Pada pukul 23.00 WIT, seluruh tim bersama para korban akhirnya tiba di Dermaga Pelabuhan Ahmad Yani Ternate dalam keadaan selamat. Para korban kemudian diserahkan kepada pihak PT PELNI Ternate serta keluarga masing-masing, sebelum menjalani pemeriksaan medis oleh tim kesehatan Polda Maluku Utara.

Setelah proses evakuasi selesai, tim SAR gabungan melaksanakan debriefing sekaligus menutup operasi pencarian dan penyelamatan.
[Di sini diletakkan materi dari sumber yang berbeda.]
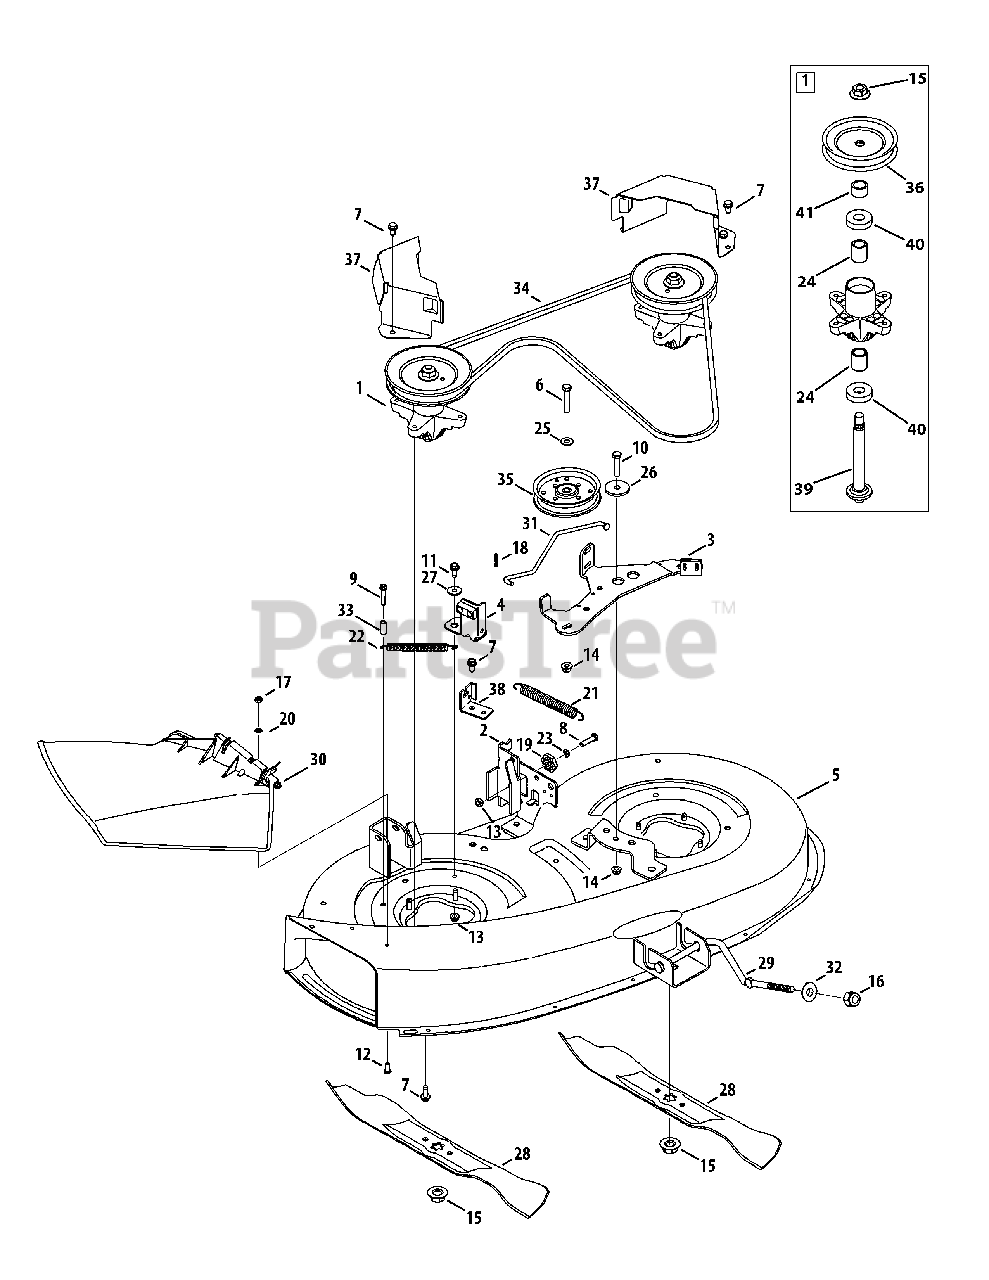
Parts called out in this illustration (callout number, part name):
1	5.75" Pulley Spindle Assembly
2	LH Deck Hanger Bracket
3	Deck Brake Assembly
4	Deck Brake Assembly
5	38" Deck Assembly - Black
5	38" Deck Assembly - Green
6	Hex Screw, 3/8-16 x 1.75
7	Screw, 5/16-18 x .750
8	Hex Screw, 5/16-18 x 1.25
9	Screw, 1/4-20 x 1.50
10	Hex Screw, 3/8-16 x 1.25
11	Hex Screw, 5/16-18 x .75
12	Hex Screw, 1/4-20 x .62
13	Flange Lock Nut, 5/16-18
14	Flange Lock Nut, 3/8-16
15	Flange Nut, 5/8-18
16	Hexlock Nut, 1/2-13
17	Flange Lock Nut, 1/4-20
18	Cotter Pin, .072 Diameter
19	Deck Adjuster Gear
20	Push Nut, .25 x .50
21	Extension Spring, .75 x 6.375
22	Extension Spring, .500 x 6.375
23	Lock Washer, 5/16
24	Spacer, .80 X 1.10 X 1.322 Lg
25	Flat Washer, .406 x .875 x .059
26	Shoulder Spacer, .8840 x .190
27	Shoulder Spacer, .5000 x .1475
28	Blade, 3 in 1
29	38" Front Adjust Deck Rod
30	Chute Assembly
31	38" Brake Control Rod
32	Deck Lift, Pivot Cup
33	Spacer, .260 x .375 x 1.030
34	V Type Belt
35	Idler Pulley
36	Pulley, deck, 5.75 Dia
37	Belt Cover - Black
37	Belt Cover - Green
39	Spindle Shaft, 5.50 Lg
40	Ball Bearing, .787id X 1.85 x.551
41	Spacer, .820x 1.150 X .480 Lg

Seluruh unsur yang terlibat kemudian dikembalikan ke satuannya masing-masing.

Adapun unsur yang terlibat dalam operasi tersebut antara lain Kantor SAR Ternate, Polairud Polda Maluku Utara, Brimob Polda Maluku Utara, Polres Ternate, Bid Dokkes Polda Maluku Utara, Lanal Ternate, Korem 152/Babullah, KPLP Ternate, PT PELNI, PT Pelindo, BPPK Maluku Utara, KM Sabuk Nusantara 115, KM Sabuk Nusantara 86, Jasa Raharja Ternate, dan RAPI Ternate.

Jumlah korban dalam peristiwa tersebut tercatat sebanyak tujuh orang, yakni Untung Purwadi, Felix Herman Sulipatty, Teguh Gunawan, Dimas Afif Sugiyanto, Anselmus Hamonangan, Mohammad Al Yudha C.R, dan Mochmad Makhsun.

Informasi kejadian pertama kali dilaporkan oleh Rudi Arif dari PT PELNI Ternate pada 15 Maret pukul 12.00 WIT.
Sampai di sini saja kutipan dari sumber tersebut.